== Exercise description ==
Please return the listing exactly as it stands, skipping any pictures.

::::::

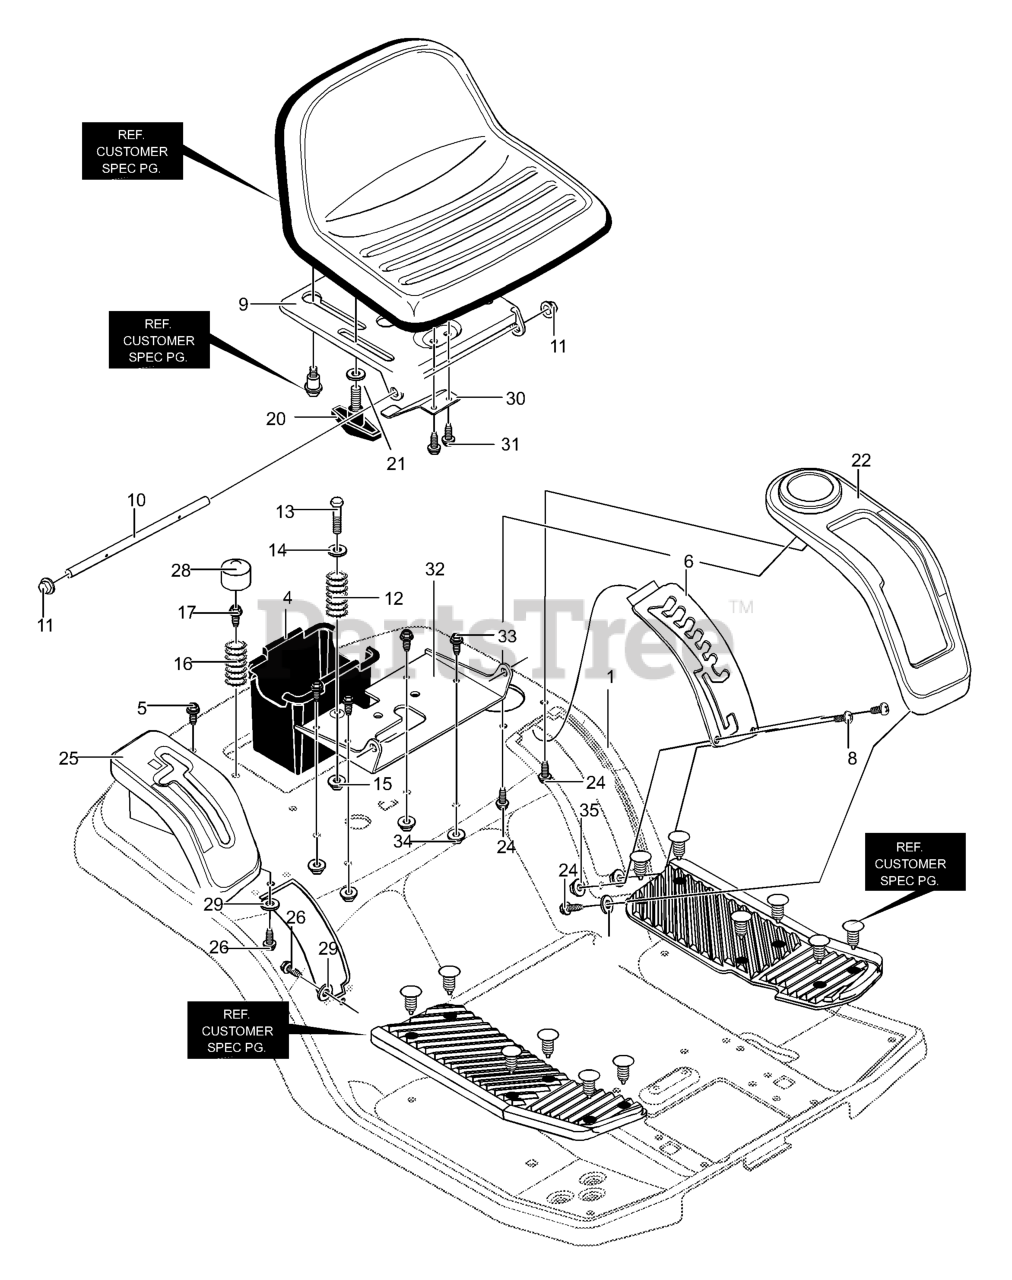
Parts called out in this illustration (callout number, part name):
1	Seat Deck
4	Battery Container
5	Screw, 1/4-20x.63
6	Plate, Lift Detent
8	Screw, 10-24x.500
9	Seat Support
10	Hinge, Seat Pivot
11	Push Cap Nut
12	Comp. Spring
13	Shoulder Bolt, 1/4-20
14	Washer Cup
15	Nut, 1/4-20
16	Comp. Spring
17	Screw, 5/16-18 x 0.75
20	Wing Bolt 5/16-18x.50
21	Washer
22	Detent Cover w/cup
24	Screw, 1/4-15
25	Shift Cover Hand/Foot
26	Screw, 1/4-15x.44
27	Flat washer
29	Flat washer
30	Spring - Leaf
31	Screw, 1/4-20x.50
32	Bracket, Pivot Seat
33	Screw, 5/16-18 x 0.75
34	Nut, 5/16-18 Wdfllk
35	Nut, #10-24 Locknut

::::::

== Solution to the exercise ==
Parts called out in this illustration (callout number, part name):
1	Seat Deck
4	Battery Container
5	Screw, 1/4-20x.63
6	Plate, Lift Detent
8	Screw, 10-24x.500
9	Seat Support
10	Hinge, Seat Pivot
11	Push Cap Nut
12	Comp. Spring
13	Shoulder Bolt, 1/4-20
14	Washer Cup
15	Nut, 1/4-20
16	Comp. Spring
17	Screw, 5/16-18 x 0.75
20	Wing Bolt 5/16-18x.50
21	Washer
22	Detent Cover w/cup
24	Screw, 1/4-15
25	Shift Cover Hand/Foot
26	Screw, 1/4-15x.44
27	Flat washer
29	Flat washer
30	Spring - Leaf
31	Screw, 1/4-20x.50
32	Bracket, Pivot Seat
33	Screw, 5/16-18 x 0.75
34	Nut, 5/16-18 Wdfllk
35	Nut, #10-24 Locknut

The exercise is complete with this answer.